Check the lines of the listing below for the word "type", and state only how many have it.
___ DATA FOR THIS TASK ___
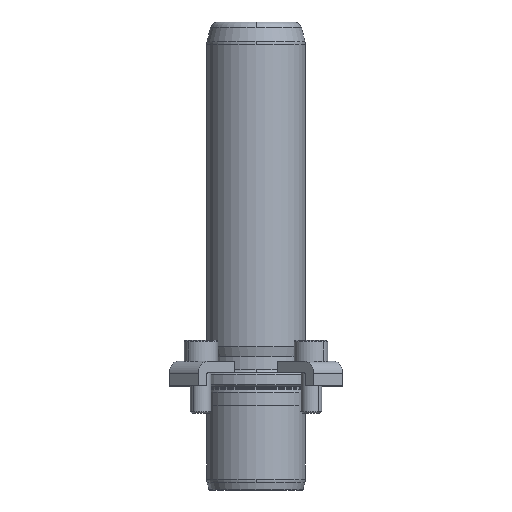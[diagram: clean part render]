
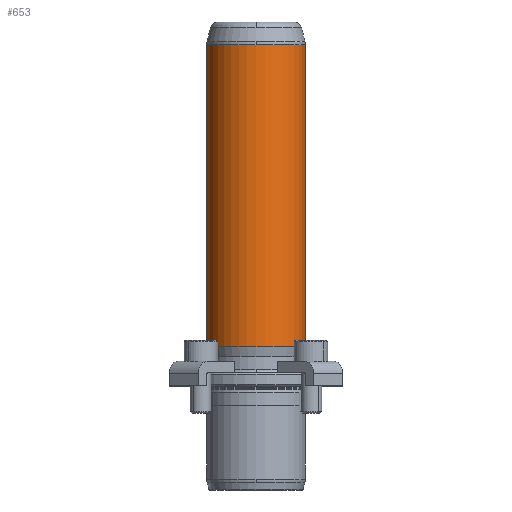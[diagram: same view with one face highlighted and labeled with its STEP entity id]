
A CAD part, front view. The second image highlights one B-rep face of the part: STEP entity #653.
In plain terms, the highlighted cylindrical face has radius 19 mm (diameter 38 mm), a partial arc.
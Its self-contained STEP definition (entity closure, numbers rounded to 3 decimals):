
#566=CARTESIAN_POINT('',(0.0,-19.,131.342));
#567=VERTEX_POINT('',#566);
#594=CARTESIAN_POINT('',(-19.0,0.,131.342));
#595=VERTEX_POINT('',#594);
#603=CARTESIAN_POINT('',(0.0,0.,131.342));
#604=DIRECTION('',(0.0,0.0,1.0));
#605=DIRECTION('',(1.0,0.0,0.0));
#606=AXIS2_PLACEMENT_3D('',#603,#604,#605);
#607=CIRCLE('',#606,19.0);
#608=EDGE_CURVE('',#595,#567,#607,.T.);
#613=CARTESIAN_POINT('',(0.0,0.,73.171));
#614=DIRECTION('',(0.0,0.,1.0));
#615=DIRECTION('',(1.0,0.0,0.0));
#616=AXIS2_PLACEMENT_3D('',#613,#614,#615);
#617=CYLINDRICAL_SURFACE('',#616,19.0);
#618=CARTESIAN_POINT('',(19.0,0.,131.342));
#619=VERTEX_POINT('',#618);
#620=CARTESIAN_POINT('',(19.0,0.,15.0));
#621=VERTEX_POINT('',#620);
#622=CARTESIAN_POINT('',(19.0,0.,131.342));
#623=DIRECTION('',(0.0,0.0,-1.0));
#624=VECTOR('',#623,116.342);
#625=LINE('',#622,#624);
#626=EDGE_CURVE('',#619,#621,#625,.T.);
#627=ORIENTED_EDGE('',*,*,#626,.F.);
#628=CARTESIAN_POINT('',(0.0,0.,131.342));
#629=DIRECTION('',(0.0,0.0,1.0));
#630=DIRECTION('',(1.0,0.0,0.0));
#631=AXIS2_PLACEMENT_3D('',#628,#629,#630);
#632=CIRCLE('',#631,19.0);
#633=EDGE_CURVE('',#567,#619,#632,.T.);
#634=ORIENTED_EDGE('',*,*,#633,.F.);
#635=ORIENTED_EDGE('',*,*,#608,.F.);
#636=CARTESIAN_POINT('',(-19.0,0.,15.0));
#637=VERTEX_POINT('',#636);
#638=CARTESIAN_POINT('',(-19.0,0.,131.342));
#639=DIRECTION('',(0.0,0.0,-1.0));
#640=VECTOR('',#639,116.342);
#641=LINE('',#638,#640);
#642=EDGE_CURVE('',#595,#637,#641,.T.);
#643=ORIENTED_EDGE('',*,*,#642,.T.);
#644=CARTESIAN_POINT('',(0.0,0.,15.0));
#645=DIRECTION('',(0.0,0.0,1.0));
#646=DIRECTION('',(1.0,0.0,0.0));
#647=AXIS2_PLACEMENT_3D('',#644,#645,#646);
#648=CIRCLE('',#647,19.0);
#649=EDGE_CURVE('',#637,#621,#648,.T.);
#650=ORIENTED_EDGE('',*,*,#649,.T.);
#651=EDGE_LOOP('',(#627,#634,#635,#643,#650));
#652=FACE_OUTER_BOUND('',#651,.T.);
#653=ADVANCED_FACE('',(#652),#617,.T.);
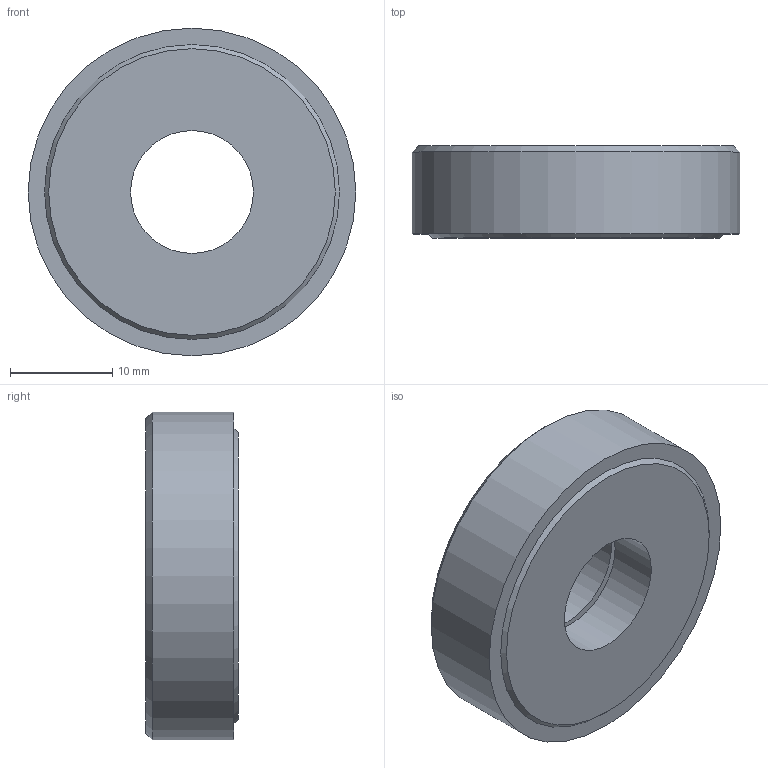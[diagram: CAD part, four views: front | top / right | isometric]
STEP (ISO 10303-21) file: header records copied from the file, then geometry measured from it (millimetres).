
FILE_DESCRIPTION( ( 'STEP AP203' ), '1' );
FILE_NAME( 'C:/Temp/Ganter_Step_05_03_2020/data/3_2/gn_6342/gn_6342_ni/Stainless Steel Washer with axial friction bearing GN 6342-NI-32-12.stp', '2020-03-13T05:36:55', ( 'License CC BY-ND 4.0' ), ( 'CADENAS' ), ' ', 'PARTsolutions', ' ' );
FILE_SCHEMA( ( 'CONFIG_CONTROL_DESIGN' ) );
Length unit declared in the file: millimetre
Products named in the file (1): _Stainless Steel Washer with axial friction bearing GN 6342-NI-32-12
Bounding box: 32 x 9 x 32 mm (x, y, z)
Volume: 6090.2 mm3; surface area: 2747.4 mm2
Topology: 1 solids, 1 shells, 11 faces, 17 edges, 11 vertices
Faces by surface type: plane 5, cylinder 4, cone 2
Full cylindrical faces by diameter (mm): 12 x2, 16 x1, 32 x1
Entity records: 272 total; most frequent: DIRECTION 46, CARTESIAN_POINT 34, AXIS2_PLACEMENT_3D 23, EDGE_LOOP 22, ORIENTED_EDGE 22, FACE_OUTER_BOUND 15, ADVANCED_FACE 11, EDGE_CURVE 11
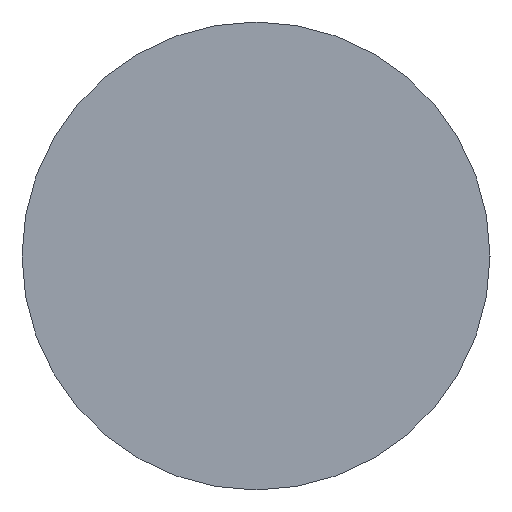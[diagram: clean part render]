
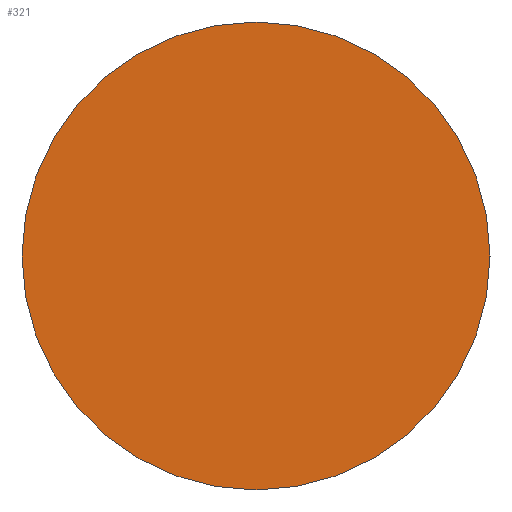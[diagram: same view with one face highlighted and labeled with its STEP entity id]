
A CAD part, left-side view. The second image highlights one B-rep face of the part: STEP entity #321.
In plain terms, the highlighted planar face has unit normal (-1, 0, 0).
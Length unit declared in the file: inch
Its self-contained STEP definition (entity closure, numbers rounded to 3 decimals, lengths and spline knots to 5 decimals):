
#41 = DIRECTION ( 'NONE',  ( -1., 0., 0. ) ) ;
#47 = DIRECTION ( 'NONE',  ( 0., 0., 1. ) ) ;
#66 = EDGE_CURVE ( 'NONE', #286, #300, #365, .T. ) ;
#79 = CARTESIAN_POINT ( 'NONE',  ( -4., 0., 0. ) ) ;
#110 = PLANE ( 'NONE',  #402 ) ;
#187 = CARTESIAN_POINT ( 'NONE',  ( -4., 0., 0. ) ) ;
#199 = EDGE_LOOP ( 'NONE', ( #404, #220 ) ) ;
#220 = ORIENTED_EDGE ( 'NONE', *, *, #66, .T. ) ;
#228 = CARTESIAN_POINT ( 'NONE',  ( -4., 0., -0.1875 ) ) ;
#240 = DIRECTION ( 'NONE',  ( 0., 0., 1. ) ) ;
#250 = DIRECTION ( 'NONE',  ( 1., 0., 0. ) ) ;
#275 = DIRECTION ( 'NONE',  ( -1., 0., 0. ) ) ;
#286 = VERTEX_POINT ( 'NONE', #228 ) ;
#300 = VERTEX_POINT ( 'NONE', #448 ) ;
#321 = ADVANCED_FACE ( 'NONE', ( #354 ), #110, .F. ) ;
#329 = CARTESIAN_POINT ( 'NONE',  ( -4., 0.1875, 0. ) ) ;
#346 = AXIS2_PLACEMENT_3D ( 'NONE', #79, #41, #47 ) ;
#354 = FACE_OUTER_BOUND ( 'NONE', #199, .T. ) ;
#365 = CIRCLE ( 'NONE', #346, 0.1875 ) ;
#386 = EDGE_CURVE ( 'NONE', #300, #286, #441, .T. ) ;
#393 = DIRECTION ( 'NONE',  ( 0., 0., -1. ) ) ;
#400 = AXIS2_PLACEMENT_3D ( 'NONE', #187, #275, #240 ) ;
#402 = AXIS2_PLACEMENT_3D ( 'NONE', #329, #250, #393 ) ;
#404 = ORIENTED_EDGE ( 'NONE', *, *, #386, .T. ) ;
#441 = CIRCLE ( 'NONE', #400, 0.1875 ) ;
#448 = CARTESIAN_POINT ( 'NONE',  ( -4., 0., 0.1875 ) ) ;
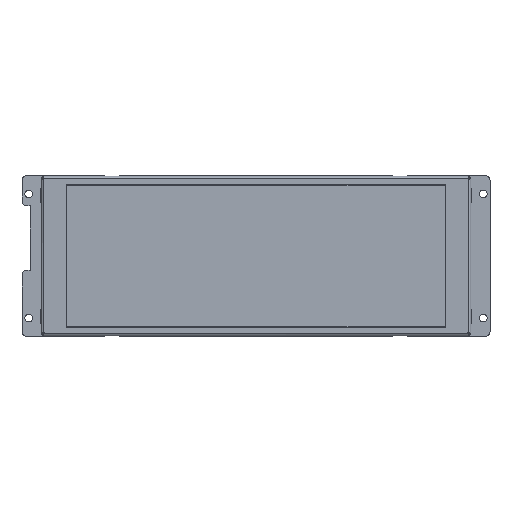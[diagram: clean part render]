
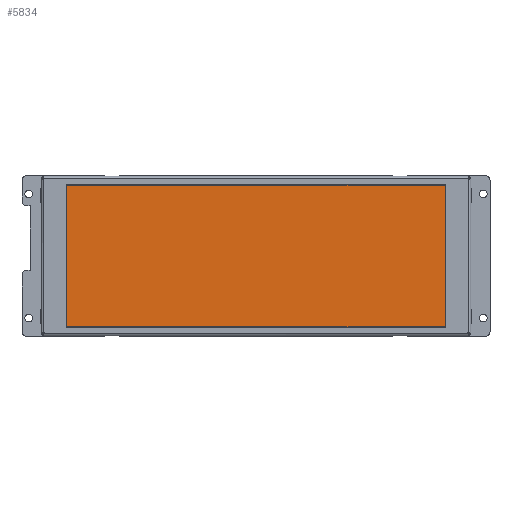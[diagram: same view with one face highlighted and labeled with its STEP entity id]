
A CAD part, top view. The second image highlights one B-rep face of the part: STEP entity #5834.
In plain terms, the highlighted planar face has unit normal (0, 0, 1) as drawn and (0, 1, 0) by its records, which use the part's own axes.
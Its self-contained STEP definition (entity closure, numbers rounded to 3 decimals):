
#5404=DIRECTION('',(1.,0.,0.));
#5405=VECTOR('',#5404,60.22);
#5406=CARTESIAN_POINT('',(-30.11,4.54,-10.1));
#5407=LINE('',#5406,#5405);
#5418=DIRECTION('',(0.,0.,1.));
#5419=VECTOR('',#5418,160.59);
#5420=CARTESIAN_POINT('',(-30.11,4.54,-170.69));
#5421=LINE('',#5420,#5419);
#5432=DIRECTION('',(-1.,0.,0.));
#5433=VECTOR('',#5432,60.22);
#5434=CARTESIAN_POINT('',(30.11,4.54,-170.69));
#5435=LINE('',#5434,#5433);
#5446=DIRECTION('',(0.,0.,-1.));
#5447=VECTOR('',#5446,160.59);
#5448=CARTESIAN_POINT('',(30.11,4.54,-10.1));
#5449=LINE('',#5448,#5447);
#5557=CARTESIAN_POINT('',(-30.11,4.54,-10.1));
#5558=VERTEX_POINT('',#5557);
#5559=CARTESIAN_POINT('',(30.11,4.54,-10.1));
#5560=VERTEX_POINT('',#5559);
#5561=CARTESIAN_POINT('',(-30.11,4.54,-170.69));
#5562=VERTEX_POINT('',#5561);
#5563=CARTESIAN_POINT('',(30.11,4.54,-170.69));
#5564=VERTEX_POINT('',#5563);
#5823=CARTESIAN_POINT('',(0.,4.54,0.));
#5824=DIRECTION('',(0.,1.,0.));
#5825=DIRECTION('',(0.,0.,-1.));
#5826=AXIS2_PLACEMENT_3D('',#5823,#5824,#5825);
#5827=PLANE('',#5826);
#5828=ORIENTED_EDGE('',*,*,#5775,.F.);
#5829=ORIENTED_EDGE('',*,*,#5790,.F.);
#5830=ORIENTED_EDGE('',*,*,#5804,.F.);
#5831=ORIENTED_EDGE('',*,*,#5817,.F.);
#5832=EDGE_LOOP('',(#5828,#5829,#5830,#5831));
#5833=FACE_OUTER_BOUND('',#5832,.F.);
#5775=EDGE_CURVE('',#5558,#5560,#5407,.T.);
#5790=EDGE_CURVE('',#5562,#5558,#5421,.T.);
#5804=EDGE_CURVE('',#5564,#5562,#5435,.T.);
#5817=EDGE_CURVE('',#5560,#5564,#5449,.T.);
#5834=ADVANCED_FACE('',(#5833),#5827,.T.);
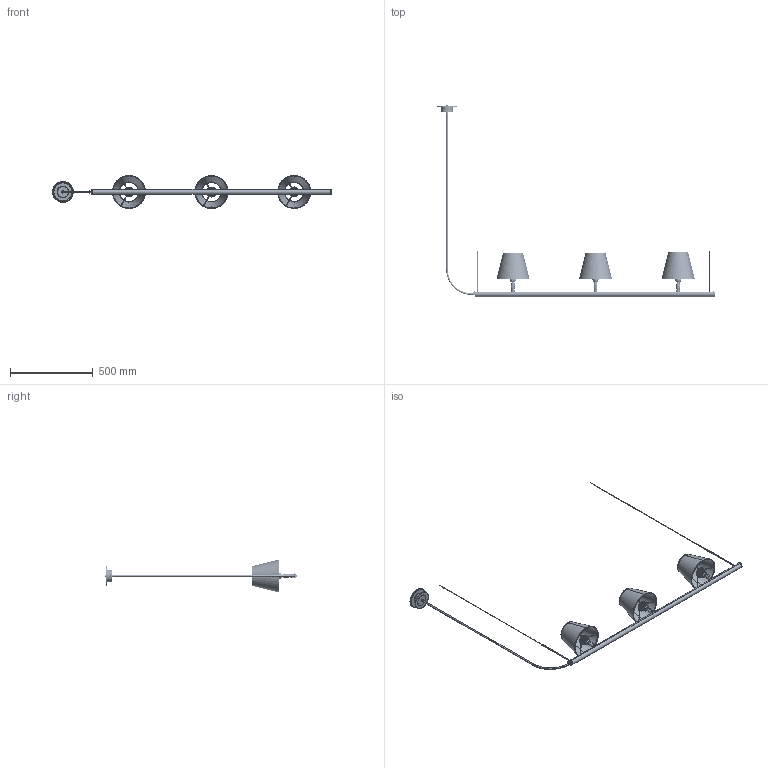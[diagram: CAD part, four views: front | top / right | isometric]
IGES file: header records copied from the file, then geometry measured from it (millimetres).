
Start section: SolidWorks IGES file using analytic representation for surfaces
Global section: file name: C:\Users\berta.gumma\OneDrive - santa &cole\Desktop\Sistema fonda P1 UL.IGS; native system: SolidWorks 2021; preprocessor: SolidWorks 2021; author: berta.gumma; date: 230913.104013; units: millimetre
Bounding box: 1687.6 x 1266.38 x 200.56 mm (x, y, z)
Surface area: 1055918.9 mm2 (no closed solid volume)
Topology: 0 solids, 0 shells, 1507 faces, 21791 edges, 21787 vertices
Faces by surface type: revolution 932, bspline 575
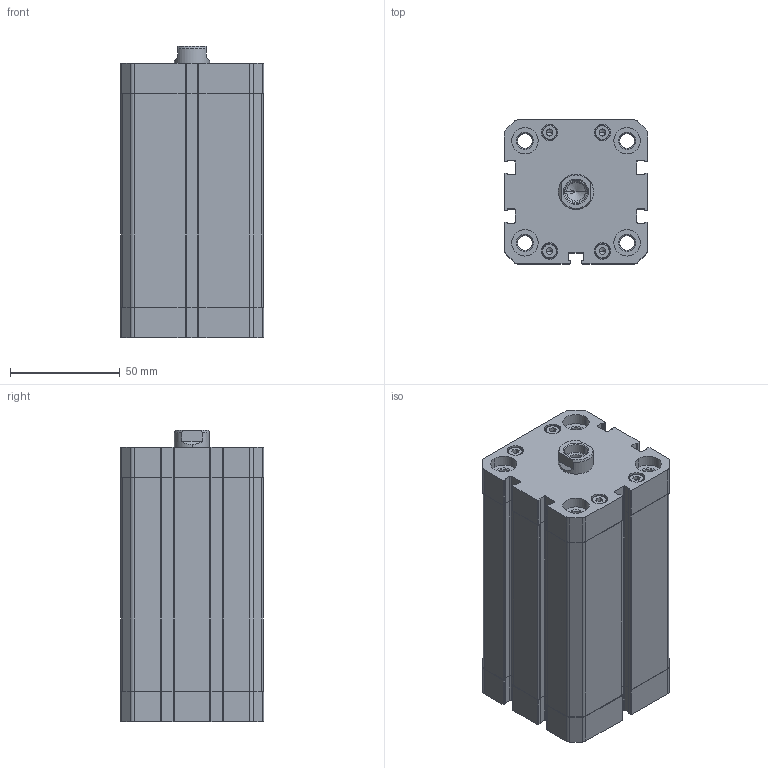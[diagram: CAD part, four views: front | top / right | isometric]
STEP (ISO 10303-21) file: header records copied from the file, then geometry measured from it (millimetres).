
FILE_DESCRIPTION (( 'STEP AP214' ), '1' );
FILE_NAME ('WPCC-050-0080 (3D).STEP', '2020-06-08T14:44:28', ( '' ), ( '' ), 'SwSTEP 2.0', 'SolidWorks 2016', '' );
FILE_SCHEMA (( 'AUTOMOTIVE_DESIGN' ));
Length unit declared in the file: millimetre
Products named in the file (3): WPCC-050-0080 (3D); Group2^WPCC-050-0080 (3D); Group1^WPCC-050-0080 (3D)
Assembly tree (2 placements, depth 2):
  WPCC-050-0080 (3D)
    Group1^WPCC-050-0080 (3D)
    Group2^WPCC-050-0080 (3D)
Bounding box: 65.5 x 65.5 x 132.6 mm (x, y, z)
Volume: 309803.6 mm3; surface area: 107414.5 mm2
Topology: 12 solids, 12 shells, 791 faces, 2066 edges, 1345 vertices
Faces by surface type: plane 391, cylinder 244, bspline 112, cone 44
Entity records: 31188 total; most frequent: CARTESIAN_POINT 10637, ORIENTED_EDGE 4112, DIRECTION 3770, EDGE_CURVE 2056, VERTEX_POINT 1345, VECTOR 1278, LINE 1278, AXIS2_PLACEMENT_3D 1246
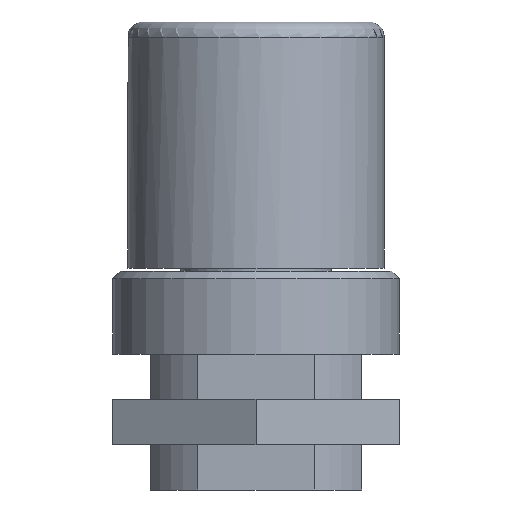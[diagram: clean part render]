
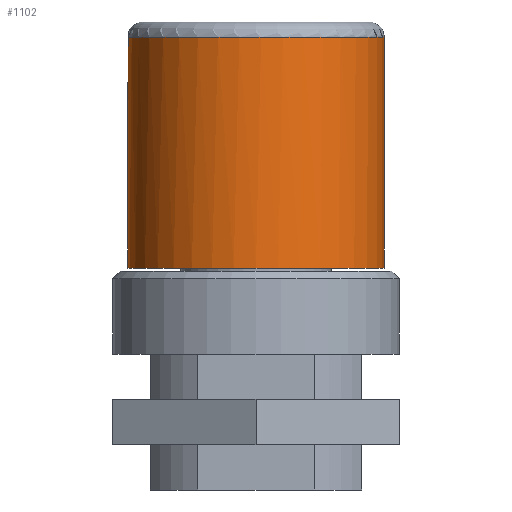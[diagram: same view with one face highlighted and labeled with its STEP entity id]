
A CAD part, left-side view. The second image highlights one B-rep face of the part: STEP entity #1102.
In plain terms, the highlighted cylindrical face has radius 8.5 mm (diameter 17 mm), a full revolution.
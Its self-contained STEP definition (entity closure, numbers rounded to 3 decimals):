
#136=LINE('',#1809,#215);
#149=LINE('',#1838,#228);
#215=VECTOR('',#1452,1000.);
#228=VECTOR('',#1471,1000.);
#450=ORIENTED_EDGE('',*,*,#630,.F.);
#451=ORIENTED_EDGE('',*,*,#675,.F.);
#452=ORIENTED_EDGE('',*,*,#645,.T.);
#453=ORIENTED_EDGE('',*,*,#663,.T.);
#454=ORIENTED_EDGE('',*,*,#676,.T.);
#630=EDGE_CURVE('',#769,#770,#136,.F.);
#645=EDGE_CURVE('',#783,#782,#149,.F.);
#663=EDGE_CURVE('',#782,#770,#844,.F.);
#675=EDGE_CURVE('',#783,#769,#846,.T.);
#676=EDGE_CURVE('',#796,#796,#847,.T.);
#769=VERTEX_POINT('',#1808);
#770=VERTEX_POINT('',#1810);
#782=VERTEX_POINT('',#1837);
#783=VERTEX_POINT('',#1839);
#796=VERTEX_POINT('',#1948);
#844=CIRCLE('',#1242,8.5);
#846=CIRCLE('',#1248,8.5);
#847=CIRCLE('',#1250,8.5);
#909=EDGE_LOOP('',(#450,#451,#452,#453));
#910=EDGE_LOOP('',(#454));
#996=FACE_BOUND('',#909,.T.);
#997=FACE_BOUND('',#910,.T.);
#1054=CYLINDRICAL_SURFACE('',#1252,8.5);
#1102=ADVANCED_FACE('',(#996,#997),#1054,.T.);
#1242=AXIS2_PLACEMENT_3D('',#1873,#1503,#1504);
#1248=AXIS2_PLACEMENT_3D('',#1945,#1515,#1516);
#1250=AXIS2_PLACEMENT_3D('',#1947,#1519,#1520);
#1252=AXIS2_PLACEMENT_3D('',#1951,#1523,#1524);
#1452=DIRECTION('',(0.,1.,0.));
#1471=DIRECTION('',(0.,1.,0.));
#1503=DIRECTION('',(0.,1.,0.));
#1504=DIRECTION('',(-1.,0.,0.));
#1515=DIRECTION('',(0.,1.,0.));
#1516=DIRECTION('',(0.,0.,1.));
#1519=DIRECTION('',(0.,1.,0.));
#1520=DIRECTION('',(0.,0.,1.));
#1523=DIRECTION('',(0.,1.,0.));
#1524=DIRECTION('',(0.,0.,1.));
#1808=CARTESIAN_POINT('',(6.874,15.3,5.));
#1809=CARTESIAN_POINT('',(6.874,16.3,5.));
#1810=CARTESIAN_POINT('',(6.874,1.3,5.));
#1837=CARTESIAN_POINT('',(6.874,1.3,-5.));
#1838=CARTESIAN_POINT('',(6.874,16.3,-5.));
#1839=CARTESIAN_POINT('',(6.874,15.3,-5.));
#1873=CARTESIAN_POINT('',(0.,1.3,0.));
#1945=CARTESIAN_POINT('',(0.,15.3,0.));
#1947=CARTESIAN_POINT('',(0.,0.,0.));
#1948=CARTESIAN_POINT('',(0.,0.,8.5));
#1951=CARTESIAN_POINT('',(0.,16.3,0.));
___
> _RESULT OF THE TASK_
3